But on the other hand, occasionally there is communication outage, that kind of thing occur. That's unavoidable part of it. So, these days, most CPM method will try to take into account those factors as much as it can, but specifically how do it -- how we do it, each company has different approach.

MR. RODECKER: I might add one comment. In the -- particularly in the natural gas industry, I mentioned real-time models do many things.

One of the things that they can do and do do in application, where there's a communications failure and part of your pipeline goes dark on the SCADA screen, pipelines that have a real-time model can actually operate their pipeline using the model data for a time.

Of course, those estimates get less and less accurate as time goes on.

MR. BESHORE: Anybody else have anything??

(No response)

MR. BESHORE: Now, how about start-up conditions? How quickly after a pipeline starts -- is started up do these types of systems become effective in detecting leaks?

MR. STACK: I would comment that once flow rates have stabilized, and the model can populate them, they can become effective within days of pipeline line fill.

MR. BESHORE: Well, yeah. I wasn't necessarily referring to the initial start-up of the pipeline at the beginning of a new pipeline. I was thinking more in terms of restarting a pipeline, youknow, in regular operational conditions on a day-to-day basis.

MR. RODECKER: Let me respond briefly to that. Pipeline start-up and shut-down is an example of a control move on to a pipeline that creates pipeline transients. It's a significant one and probably an extreme condition, but a pipeline that is shut in, that the pumps are stopped, and the valves are closed, you can still have computational pipeline monitoring.
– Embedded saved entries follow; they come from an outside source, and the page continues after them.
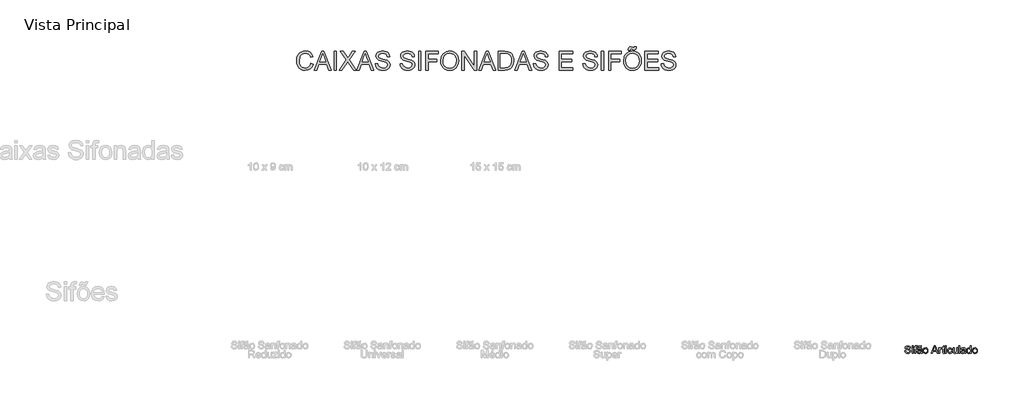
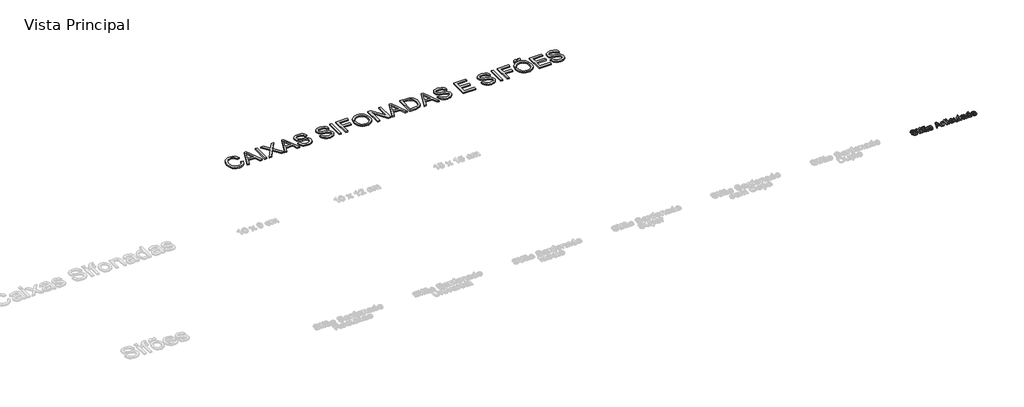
# One storey, part 5 of 5: 2 proxies.
"""IFC4 building model written with IfcOpenShell, lengths in millimetres."""

from ifc_helpers import new_model, si_unit, origin, origin_with_axes, place, context, project, spatial, polyline, outline, extrude, element, save

model = new_model("IFC4")

# Units and contexts
model_context = context("Model", 3, world=origin())
ifc_project = project(units=[si_unit("LENGTHUNIT", "METRE", prefix="MILLI")], contexts=[model_context])

# Site, building, storey
site = spatial("IfcSite", under=ifc_project)
building = spatial("IfcBuilding", under=site)
storey = spatial("IfcBuildingStorey", under=building, Name="Vista Principal", Elevation=0.0)

# Proxies
placement = place(None, origin())
element("IfcBuildingElementProxy", 1, Name="Subtextos", ObjectType="Subtextos", at=placement, inside=storey, context=model_context, shape_type="SweptSolid", body=[
    extrude(outline(polyline([(-1250.4534786, 442.8907044), (-1231.6179204, 438.0346621), (-1240.3091325, 416.0859026), (-1253.9483575, 400.0508461), (-1271.8642107, 390.2421924), (-1293.3853074, 386.9726412), (-1315.2328994, 389.4466476), (-1332.583134, 396.8686668), (-1345.8820681, 408.9811815), (-1355.5757587, 425.5266743), (-1361.4940603, 444.9784348), (-1363.4668275, 465.8097527), (-1361.2365429, 487.7815049), (-1354.5456891, 506.7550188), (-1343.743754, 522.1278877), (-1329.1802255, 533.2977047), (-1311.9081658, 540.0989231), (-1292.9806372, 542.3659959), (-1272.3286617, 539.432137), (-1255.2543386, 530.6305603), (-1242.2910968, 516.5038917), (-1233.9723652, 497.5947571), (-1252.8079233, 493.1065968), (-1259.3378287, 506.8423908), (-1268.2589671, 516.2647684), (-1279.6817031, 521.7140204), (-1293.7164012, 523.5304378), (-1309.8940119, 521.5162839), (-1323.183749, 515.4738221), (-1333.2683142, 506.0376489), (-1339.8304093, 493.8423608), (-1344.6312693, 465.8465409), (-1343.2103251, 448.4457226), (-1338.9474925, 433.399349), (-1331.6818231, 421.2822357), (-1321.2523685, 412.6691985), (-1308.7489792, 407.5234491), (-1295.2615056, 405.8081993), (-1279.5391488, 408.14425), (-1266.4379512, 415.152402), (-1256.5465241, 426.7590789), (-1250.4534786, 442.8907044)])), origin_with_axes(), (0.0, 0.0, 1.0), 10.0),
    extrude(outline(polyline([(-1223.2669991, 389.3270859), (-1163.1182929, 540.0115512), (-1147.0786379, 540.0115512), (-1086.9299317, 389.3270859), (-1106.8323476, 389.3270859), (-1124.0860132, 436.4159813), (-1186.1477058, 436.4159813), (-1203.3645832, 389.3270859), (-1223.2669991, 389.3270859)]), holes=[polyline([(-1179.2315243, 455.2515395), (-1130.9654065, 455.2515395), (-1144.5402521, 492.2972564), (-1155.0984654, 521.175993), (-1164.4794563, 495.5346179), (-1179.2315243, 455.2515395)])]), origin_with_axes(), (0.0, 0.0, 1.0), 10.0),
    extrude(outline(polyline([(-1064.4523418, 389.3270859), (-1064.4523418, 540.0115512), (-1045.6167836, 540.0115512), (-1045.6167836, 389.3270859), (-1064.4523418, 389.3270859)])), origin_with_axes(), (0.0, 0.0, 1.0), 10.0),
    extrude(outline(polyline([(-1024.4267807, 389.3270859), (-966.3382137, 471.4383473), (-1015.0090016, 540.0115512), (-992.4210471, 540.0115512), (-965.0138385, 501.4207299), (-955.7800004, 486.3743563), (-944.9642698, 501.6782473), (-917.8513667, 540.0115512), (-894.9323184, 540.0115512), (-943.6031064, 471.2176181), (-885.5145393, 389.3270859), (-908.1024938, 389.3270859), (-946.8036797, 443.920774), (-954.8602954, 455.2515395), (-963.7262515, 442.817128), (-1001.5077324, 389.3270859), (-1024.4267807, 389.3270859)])), origin_with_axes(), (0.0, 0.0, 1.0), 10.0),
    extrude(outline(polyline([(-884.2269524, 389.3270859), (-824.0782461, 540.0115512), (-808.0385912, 540.0115512), (-747.8898849, 389.3270859), (-767.7923009, 389.3270859), (-785.0459665, 436.4159813), (-847.107659, 436.4159813), (-864.3245364, 389.3270859), (-884.2269524, 389.3270859)]), holes=[polyline([(-840.1914775, 455.2515395), (-791.9253598, 455.2515395), (-805.5002054, 492.2972564), (-816.0584186, 521.175993), (-825.4394095, 495.5346179), (-840.1914775, 455.2515395)])]), origin_with_axes(), (0.0, 0.0, 1.0), 10.0),
    extrude(outline(polyline([(-734.8300741, 441.1248709), (-715.994516, 441.1248709), (-709.924463, 422.2709186), (-695.0988186, 410.351542), (-672.5108641, 405.8081993), (-652.8291774, 409.247896), (-640.1188545, 418.7024633), (-635.9433938, 431.3392098), (-639.0703908, 443.0930395), (-651.8726842, 451.6462959), (-679.2982869, 458.8383889), (-708.8208171, 468.1274093), (-724.8420779, 482.1437133), (-730.1211846, 500.8689069), (-728.4887082, 511.9007682), (-723.5912792, 522.1876685), (-715.5576561, 530.9064718), (-704.5165977, 537.2340421), (-676.5943543, 542.3659959), (-646.7959127, 536.9949188), (-635.3731767, 530.3638458), (-626.9302849, 521.2127812), (-621.5867989, 510.111942), (-619.4622804, 497.6315453), (-638.2978386, 497.6315453), (-641.7559293, 508.8703403), (-648.9664164, 516.9821383), (-660.2328025, 521.8933629), (-675.8585903, 523.5304378), (-691.85226, 521.911757), (-702.8243405, 517.0557147), (-709.1703049, 509.9096069), (-711.2856264, 501.4207299), (-709.7865073, 494.1826516), (-705.2891499, 488.360919), (-674.5342151, 477.839494), (-641.2041063, 468.3849267), (-630.4665506, 461.5515186), (-622.9755535, 453.1178239), (-618.5747651, 443.175813), (-617.1078357, 431.8174564), (-618.7954943, 420.2061809), (-623.8584703, 409.2846842), (-632.0898299, 399.8852992), (-643.2826396, 392.840359), (-656.7425221, 388.4395706), (-671.7751001, 386.9726412), (-690.2289807, 388.5545337), (-705.4179086, 393.3002115), (-717.5166277, 401.2280685), (-726.699882, 412.3564988), (-732.595191, 425.9129504), (-734.8300741, 441.1248709)])), origin_with_axes(), (0.0, 0.0, 1.0), 10.0),
    extrude(outline(polyline([(-537.0567135, 441.1248709), (-518.2211554, 441.1248709), (-512.1511024, 422.2709186), (-497.325458, 410.351542), (-474.7375035, 405.8081993), (-455.0558168, 409.247896), (-442.3454938, 418.7024633), (-438.1700332, 431.3392098), (-441.2970302, 443.0930395), (-454.0993236, 451.6462959), (-481.5249263, 458.8383889), (-511.0474564, 468.1274093), (-527.0687173, 482.1437133), (-532.347824, 500.8689069), (-530.7153476, 511.9007682), (-525.8179186, 522.1876685), (-517.7842955, 530.9064718), (-506.7432371, 537.2340421), (-478.8209937, 542.3659959), (-449.0225521, 536.9949188), (-437.5998161, 530.3638458), (-429.1569243, 521.2127812), (-423.8134383, 510.111942), (-421.6889198, 497.6315453), (-440.524478, 497.6315453), (-443.9825687, 508.8703403), (-451.1930558, 516.9821383), (-462.4594419, 521.8933629), (-478.0852297, 523.5304378), (-494.0788994, 521.911757), (-505.0509799, 517.0557147), (-511.3969443, 509.9096069), (-513.5122658, 501.4207299), (-512.0131467, 494.1826516), (-507.5157893, 488.360919), (-476.7608545, 477.839494), (-443.4307457, 468.3849267), (-432.69319, 461.5515186), (-425.2021929, 453.1178239), (-420.8014045, 443.175813), (-419.334475, 431.8174564), (-421.0221337, 420.2061809), (-426.0851097, 409.2846842), (-434.3164693, 399.8852992), (-445.509279, 392.840359), (-458.9691615, 388.4395706), (-474.0017395, 386.9726412), (-492.4556201, 388.5545337), (-507.644548, 393.3002115), (-519.7432671, 401.2280685), (-528.9265214, 412.3564988), (-534.8218304, 425.9129504), (-537.0567135, 441.1248709)])), origin_with_axes(), (0.0, 0.0, 1.0), 10.0),
    extrude(outline(polyline([(-388.726693, 389.3270859), (-388.726693, 540.0115512), (-369.8911349, 540.0115512), (-369.8911349, 389.3270859), (-388.726693, 389.3270859)])), origin_with_axes(), (0.0, 0.0, 1.0), 10.0),
    extrude(outline(polyline([(-332.2200186, 389.3270859), (-332.2200186, 540.0115512), (-230.9788935, 540.0115512), (-230.9788935, 521.175993), (-313.3844604, 521.175993), (-313.3844604, 476.4415424), (-242.7511174, 476.4415424), (-242.7511174, 457.6059842), (-313.3844604, 457.6059842), (-313.3844604, 389.3270859), (-332.2200186, 389.3270859)])), origin_with_axes(), (0.0, 0.0, 1.0), 10.0),
    extrude(outline(polyline([(-212.1433354, 462.6827558), (-207.1217461, 496.0036675), (-200.8447596, 509.6221991), (-192.0569784, 521.2127812), (-169.0551567, 537.0776923), (-140.2224053, 542.3659959), (-120.4579451, 539.8827925), (-102.73523, 532.4331821), (-88.0199502, 520.5413966), (-77.2777959, 504.7316678), (-70.7111023, 485.767351), (-68.5222044, 464.4118012), (-70.8260654, 442.7711428), (-77.7376484, 423.5401115), (-88.8752758, 407.7027916), (-103.8572701, 396.2432674), (-121.4282339, 389.2902977), (-140.3327699, 386.9726412), (-160.4007327, 389.5340196), (-178.2246154, 397.2181547), (-192.903107, 409.3306694), (-203.5348967, 425.1771864), (-209.9912257, 443.4103378), (-212.1433354, 462.6827558)]), holes=[polyline([(-193.3077772, 462.4988148), (-189.5415853, 438.9267759), (-178.2430095, 420.9649375), (-161.2606569, 409.5973839), (-140.4431345, 405.8081993), (-119.3221095, 409.6341721), (-102.3121657, 421.1120903), (-91.0963634, 439.6257517), (-87.3577626, 464.558954), (-88.9580493, 481.2332054), (-93.7589093, 495.6449825), (-101.6361825, 507.431002), (-112.4657088, 516.2279802), (-125.5301181, 521.7048234), (-140.1120407, 523.5304378), (-160.3731416, 520.0125662), (-177.599216, 509.4589515), (-189.3806369, 490.6831741), (-193.3077772, 462.4988148)])]), origin_with_axes(), (0.0, 0.0, 1.0), 10.0),
    extrude(outline(polyline([(-42.623312, 389.3270859), (-42.623312, 540.0115512), (-22.4633787, 540.0115512), (56.2633683, 420.6338437), (56.2633683, 540.0115512), (75.0989265, 540.0115512), (75.0989265, 389.3270859), (54.9389931, 389.3270859), (-23.7877538, 508.7415816), (-23.7877538, 389.3270859), (-42.623312, 389.3270859)])), origin_with_axes(), (0.0, 0.0, 1.0), 10.0),
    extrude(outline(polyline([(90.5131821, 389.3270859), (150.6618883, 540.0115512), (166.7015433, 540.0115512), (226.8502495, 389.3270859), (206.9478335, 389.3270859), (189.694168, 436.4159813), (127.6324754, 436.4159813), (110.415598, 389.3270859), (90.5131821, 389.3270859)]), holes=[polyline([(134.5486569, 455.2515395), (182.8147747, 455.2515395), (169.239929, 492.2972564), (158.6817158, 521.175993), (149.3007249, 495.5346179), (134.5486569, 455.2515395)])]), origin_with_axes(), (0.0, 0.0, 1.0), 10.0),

So, you can go through the process, albeit degraded, with those pressure transients caused by the start-up, and you'd want to be very careful with interpreting alarms during that period because a lot of things happen during pressure transient waves inside the fluid during start-up.

DR. YOON: I'd like to add one comment to that. When pipeline is shut in, then quite often, valve is closed, but if instrumentation is not properly installed, then you are basically cut off because of the valve closure.

So, those kind of effect has to be taken into consideration, and also temperature is another factor. So, temperature can be measured, let's say, in the middle run or something, and it can measure ambient temperature, not the fluid temperature, then it cancause some kind of false alarm, too, if temperature is falsely interpreted.

DR. HOVEY: Okay. We all get to take turns on this one.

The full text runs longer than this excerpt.